The PC report a shoddy document. As arises in such cases, it’s difficult to tell how much is deliberate deception and how much is simply due to incompetence.
For nations with voluntary voting, the Scandinavian countries have a high turnout. For example, “In their most recent elections—2014 and 2015 respectively—Swedish turnout was at roughly 82% of the voting age population and 86% of registered voters…”
The point stands. There is a significant positive correlation between voting turnout and equality. Logically, one would expect that. One would expect that a large majority would vote in favour of the interests of the large majority, at least in the presence of adequate information. Most people benefit from equality; especially from social wages, social welfare and social insurance.
You might be right, Iko, though the Swedes, especially working class Swedes, driven by anti-refugee sentiment, are about to vote in very large numbers for a far right white nationalist party, mostly at the expense of the social democrats.
The LNP as social democrats now? More a rentier reactionary one percenter boosting tool posing as it suits them as decent churchy types.
https://braveneweurope.com/richard-murphy-democratic-socialism-is-the-best-thing-that-could-ever-happen-for-the-market-economy
Smith9
John Quiggin asserts that it was policies of Labor governments, not policies of Coalition governments, which have partly (but not completely) offset the trend to greater inequality in Australia; and he identifies which Labor policies he considers responsible.

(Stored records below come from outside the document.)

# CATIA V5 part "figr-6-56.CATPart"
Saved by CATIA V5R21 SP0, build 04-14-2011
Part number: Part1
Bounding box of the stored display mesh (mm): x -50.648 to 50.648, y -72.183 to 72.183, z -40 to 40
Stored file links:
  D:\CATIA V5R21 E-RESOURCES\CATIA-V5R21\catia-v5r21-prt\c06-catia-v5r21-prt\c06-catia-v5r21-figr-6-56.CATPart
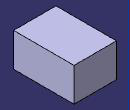
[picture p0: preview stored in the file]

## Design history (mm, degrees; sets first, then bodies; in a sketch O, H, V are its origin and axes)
Body1 (main body)
  Sketch1 on xy-plane, origin (0, 0, 0), H (1, 0, 0), V (0, 1, 0)
    line L1 (-50.6478, 72.1832) -> (50.6478, 72.1832)
    line L2 (50.6478, 72.1832) -> (50.6478, -72.1832)
    line L3 (50.6478, -72.1832) -> (-50.6478, -72.1832)
    line L4 (-50.6478, -72.1832) -> (-50.6478, 72.1832)
    axis line L5 (50.6478, -72.1832) -> (-50.6478, 72.1832)
    horizontal: L1 H, L3 H
    vertical: L2 V, L4 V
    midpoint: O L5
  Pad1: profile Sketch1, direction (0, 0, 1), length 40, mirrored extent
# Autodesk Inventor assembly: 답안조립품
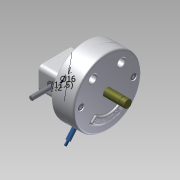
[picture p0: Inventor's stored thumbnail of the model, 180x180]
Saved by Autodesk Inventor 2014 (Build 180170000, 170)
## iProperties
Created: 2015-04
Part Number: 답안조립품
Document SubType Name: Assembly
Designer: Administrator
Author: Administrator
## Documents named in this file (15)
- C:\Documents and Settings\Administrator\바탕 화면\350406V1032\답안조립품.iam
- C:\Documents and Settings\Administrator\바탕 화면\350406V1032\본체.ipt
- C:\Documents and Settings\Administrator\바탕 화면\350406V1032\가변스프링.ipt
- C:\Documents and Settings\Administrator\바탕 화면\350406V1032\베어링62_22.ipt
- C:\Documents and Settings\Administrator\바탕 화면\350406V1032\멈춤링.ipt
- C:\Documents and Settings\Administrator\바탕 화면\350406V1032\커버.ipt
- C:\Documents and Settings\Administrator\바탕 화면\350406V1032\축.ipt
- C:\Documents and Settings\Administrator\바탕 화면\350406V1032\커버2.ipt
- C:\Documents and Settings\Administrator\바탕 화면\350406V1032\M 5 x 12.ipt
- C:\Documents and Settings\Administrator\바탕 화면\350406V1032\M 10 x 35.ipt
- C:\Documents and Settings\Administrator\바탕 화면\350406V1032\슬라이더3.ipt
- C:\Documents and Settings\Administrator\바탕 화면\350406V1032\부시.ipt
- C:\Documents and Settings\Administrator\바탕 화면\350406V1032\슬라이더.ipt
- C:\Documents and Settings\Administrator\바탕 화면\350406V1032\슬라이더2.ipt
- C:\Documents and Settings\Administrator\바탕 화면\350406V1032\평행핀.ipt
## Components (6 placed, 4 different names)
1. 가변스프링:1
2. M 5 x 12:1
3. M 5 x 12:2
4. M 10 x 35:1
5. M 10 x 35:2
6. KS B 1320 B B 5 x  20:1 — 플러쉬:1
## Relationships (1: Flush 1)
- 플러쉬:1 [Flush]: KS B 1320 B B 5 x  20:1
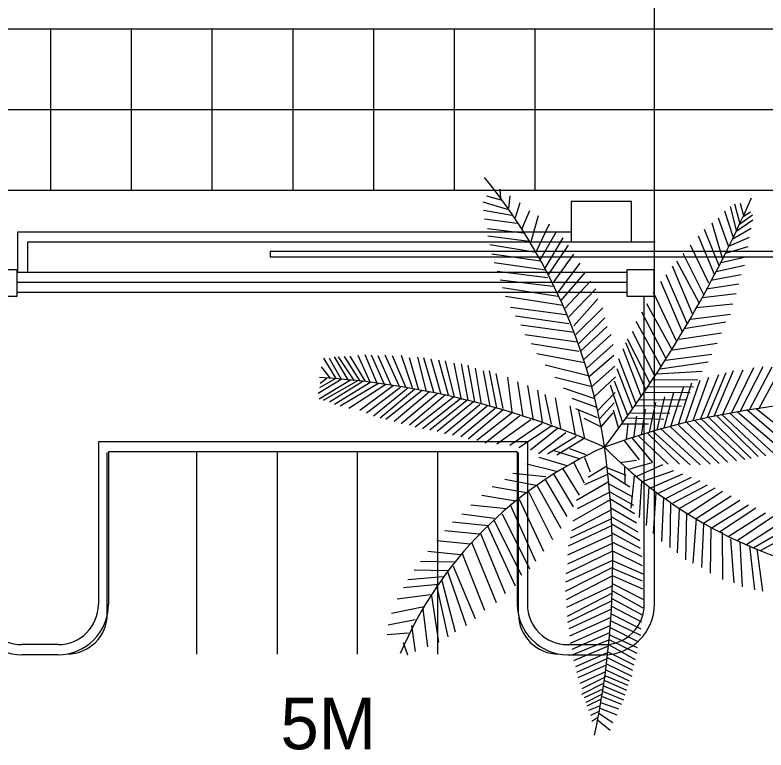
# Model space of a CAD drawing. Extents: x 6711323 to 6714641, y 1869258 to 1871224.
# Drawn here: x 6712869.21 to 6712906.43, y 1869705.35 to 1869741.77 of the extents above; entities that cross this region are included whole.
import ezdxf

# ---------------------------------------------------------------- set-up
doc = ezdxf.new("R2010")
doc.units = 0
for name, color, linetype in [('Curb Gutter (21)', 7, 'Continuous'), ('Exist Veg_Nat(4)', 7, 'Continuous'), ('Front Align (17)', 7, 'Continuous'), ('Misc CnstDet(22)', 7, 'Continuous'), ('Pave Edges (20)', 7, 'Continuous'), ('Ramp Anno (14)', 7, 'Continuous'), ('Undefined (Lv19)', 7, 'Continuous'), ('Undefined (Lv26)', 7, 'Continuous')]:
    doc.layers.add(name, color=color, linetype=linetype)

msp = doc.modelspace()

# ---------------------------------------------------------------- linework, layer by layer
at = {"layer": 'Curb Gutter (21)'}
for p, q in [((6712900.899, 1869712.572), (6712900.899, 1869761.572)), ((6712900.399, 1869712.572), (6712900.399, 1869727.849)), ((6712873.344, 1869720.618), (6712873.344, 1869712.572)), ((6712894.607, 1869720.618), (6712873.344, 1869720.618)), ((6712894.607, 1869720.618), (6712894.607, 1869712.572)), ((6712873.786, 1869712.099), (6712873.786, 1869720.099)), ((6712894.107, 1869720.118), (6712873.844, 1869720.118)), ((6712873.844, 1869720.118), (6712873.844, 1869712.572)), ((6712894.107, 1869720.118), (6712894.107, 1869712.572)), ((6712894.164, 1869712.099), (6712894.164, 1869720.099)), ((6712871.344, 1869710.572), (6712869.552, 1869710.572)), ((6712896.607, 1869710.572), (6712898.399, 1869710.572)), ((6712871.344, 1869710.072), (6712869.552, 1869710.072)), ((6712896.607, 1869710.072), (6712898.399, 1869710.072))]:
    msp.add_line(p, q, dxfattribs=at)
for centre, radius, start, end in [((6712869.552, 1869712.572), 2.5, 180, 270), ((6712869.552, 1869712.572), 2, 180, 270), ((6712871.344, 1869712.572), 2.5, 270, 0), ((6712871.344, 1869712.572), 2, 270, 0), ((6712896.607, 1869712.572), 2.5, 180, 270), ((6712896.607, 1869712.572), 2, 180, 270), ((6712898.399, 1869712.572), 2.5, 270, 360), ((6712898.399, 1869712.572), 2, 270, 360), ((6712871.786, 1869712.099), 2, 270, 0), ((6712896.164, 1869712.099), 2, 180, 270)]:
    msp.add_arc(centre, radius, start, end, dxfattribs=at)
at = {"layer": 'Exist Veg_Nat(4)'}
for p, q in [((6712893.287, 1869732.658), (6712893.263, 1869733.147)), ((6712893.371, 1869732.585), (6712892.598, 1869732.803)), ((6712893.689, 1869732.199), (6712893.753, 1869732.818)), ((6712893.624, 1869732.144), (6712892.418, 1869732.499)), ((6712894.017, 1869731.748), (6712894.244, 1869732.489)), ((6712905.139, 1869731.476), (6712904.89, 1869732.406)), ((6712905.319, 1869731.878), (6712905.165, 1869732.436)), ((6712893.841, 1869731.844), (6712892.424, 1869732.083)), ((6712894.331, 1869731.159), (6712894.727, 1869732.092)), ((6712904.803, 1869730.774), (6712904.391, 1869732.047)), ((6712904.977, 1869731.109), (6712904.665, 1869732.287)), ((6712905.295, 1869731.795), (6712905.659, 1869732.027)), ((6712894.099, 1869731.449), (6712892.48, 1869731.662)), ((6712894.793, 1869730.556), (6712895.151, 1869731.839)), ((6712904.59, 1869730.271), (6712904.084, 1869731.714)), ((6712905.119, 1869731.417), (6712905.76, 1869731.874)), ((6712895.04, 1869730.043), (6712895.708, 1869731.434)), ((6712904.277, 1869729.728), (6712903.763, 1869731.453)), ((6712904.942, 1869731.039), (6712905.774, 1869731.629)), ((6712894.396, 1869730.957), (6712892.63, 1869731.185)), ((6712895.219, 1869729.608), (6712896.043, 1869731.052)), ((6712904.103, 1869729.34), (6712903.388, 1869731.149)), ((6712904.763, 1869730.659), (6712905.694, 1869731.209)), ((6712894.702, 1869730.556), (6712892.641, 1869730.815)), ((6712895.48, 1869729.233), (6712896.385, 1869730.738)), ((6712903.877, 1869728.908), (6712903.081, 1869730.817)), ((6712904.597, 1869730.318), (6712905.608, 1869730.768)), ((6712895.044, 1869730.013), (6712892.746, 1869730.389)), ((6712895.674, 1869728.935), (6712896.646, 1869730.364)), ((6712903.603, 1869728.48), (6712902.686, 1869730.373)), ((6712904.43, 1869729.976), (6712905.542, 1869730.303)), ((6712895.248, 1869729.577), (6712892.847, 1869729.917)), ((6712895.935, 1869728.561), (6712896.9, 1869729.921)), ((6712903.357, 1869727.909), (6712902.319, 1869729.951)), ((6712904.15, 1869729.501), (6712905.496, 1869729.812)), ((6712895.5, 1869729.136), (6712892.952, 1869729.491)), ((6712896.101, 1869727.988), (6712897.228, 1869729.47)), ((6712903.13, 1869727.477), (6712902.005, 1869729.572)), ((6712895.61, 1869728.755), (6712893.106, 1869729.06)), ((6712902.796, 1869726.958), (6712901.804, 1869729.326)), ((6712903.97, 1869729.066), (6712905.363, 1869729.374)), ((6712896.288, 1869727.621), (6712897.482, 1869729.027)), ((6712902.536, 1869726.459), (6712901.484, 1869728.901)), ((6712903.696, 1869728.638), (6712905.204, 1869728.915)), ((6712895.863, 1869728.314), (6712893.26, 1869728.629)), ((6712896.474, 1869727.254), (6712897.735, 1869728.583)), ((6712902.289, 1869726.052), (6712901.223, 1869728.566)), ((6712903.47, 1869728.206), (6712905.091, 1869728.452)), ((6712896.111, 1869727.827), (6712893.37, 1869728.249)), ((6712896.654, 1869726.818), (6712897.996, 1869728.209)), ((6712902.009, 1869725.577), (6712900.863, 1869728.025)), ((6712903.29, 1869727.772), (6712904.951, 1869727.968)), ((6712896.363, 1869727.386), (6712893.525, 1869727.818)), ((6712896.908, 1869726.375), (6712898.095, 1869727.712)), ((6712896.513, 1869726.909), (6712893.768, 1869727.285)), ((6712897.013, 1869725.947), (6712898.348, 1869727.269)), ((6712901.769, 1869725.217), (6712900.523, 1869727.46)), ((6712902.983, 1869727.275), (6712904.785, 1869727.462)), ((6712896.667, 1869726.478), (6712894.02, 1869726.844)), ((6712901.488, 1869724.742), (6712900.276, 1869727.054)), ((6712902.69, 1869726.707), (6712904.666, 1869726.953)), ((6712897.112, 1869725.45), (6712898.447, 1869726.772)), ((6712901.242, 1869724.335), (6712899.995, 1869726.578)), ((6712902.362, 1869726.235), (6712904.446, 1869726.568)), ((6712896.92, 1869726.037), (6712894.273, 1869726.403)), ((6712897.224, 1869725.091), (6712898.553, 1869726.344)), ((6712900.901, 1869723.934), (6712899.809, 1869726.097)), ((6712897.069, 1869725.56), (6712894.472, 1869725.921)), ((6712897.402, 1869724.695), (6712898.764, 1869725.934)), ((6712900.683, 1869723.514), (6712899.57, 1869725.705)), ((6712902.123, 1869725.71), (6712904.226, 1869726.018)), ((6712897.151, 1869725.099), (6712894.793, 1869725.481)), ((6712897.56, 1869724.28), (6712898.857, 1869725.447)), ((6712900.482, 1869723.194), (6712899.484, 1869725.528)), ((6712901.715, 1869725.173), (6712904.013, 1869725.515)), ((6712897.442, 1869724.531), (6712895.079, 1869724.988)), ((6712900.249, 1869722.878), (6712899.353, 1869725.231)), ((6712901.455, 1869724.673), (6712903.746, 1869724.969)), ((6712885.127, 1869723.756), (6712884.516, 1869724.761)), ((6712885.399, 1869723.706), (6712884.792, 1869724.754)), ((6712885.721, 1869723.694), (6712885.054, 1869724.834)), ((6712886.038, 1869723.64), (6712885.239, 1869724.836)), ((6712886.314, 1869723.633), (6712885.54, 1869724.848)), ((6712886.57, 1869723.649), (6712885.818, 1869724.862)), ((6712886.817, 1869723.581), (6712886.215, 1869724.907)), ((6712887.176, 1869723.48), (6712886.565, 1869724.935)), ((6712887.5, 1869723.489), (6712886.886, 1869724.923)), ((6712887.849, 1869723.435), (6712887.217, 1869724.881)), ((6712888.253, 1869723.393), (6712887.555, 1869724.915)), ((6712888.581, 1869723.325), (6712887.923, 1869724.877)), ((6712888.912, 1869723.291), (6712888.372, 1869724.9)), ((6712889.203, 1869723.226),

If you think Coalition governments as well as (or rather than) Labor governments have been responsible, you have not identified the Coalition policies you’re giving the credit to.
On another topic
I know where anybody who is interested can find an English-language source for information about opinion polling for Swedish elections:
https://en.wikipedia.org/wiki/Opinion_polling_for_the_Swedish_general_election,_2018
If these polls are to be believed (and of course polls like this aren’t always right; but they’re right more than they’re wrong), then the election next month will see the Sweden Democrats (as they choose uninformatively to name themselves) do substantially better at the election next month than they did at the last election in 2014. But are their gains ‘mostly’ at the expense of the SAP (the Social Democrats)? The polls do show the SAP losing support, but they also show the MSP (the principal opponents of the SAP) losing support to a roughly similar extent, and how many of the voters of either might be switching to the Sweden Democrats is unclear with the polls also showing gains both for the Centre Party and for the Left Party.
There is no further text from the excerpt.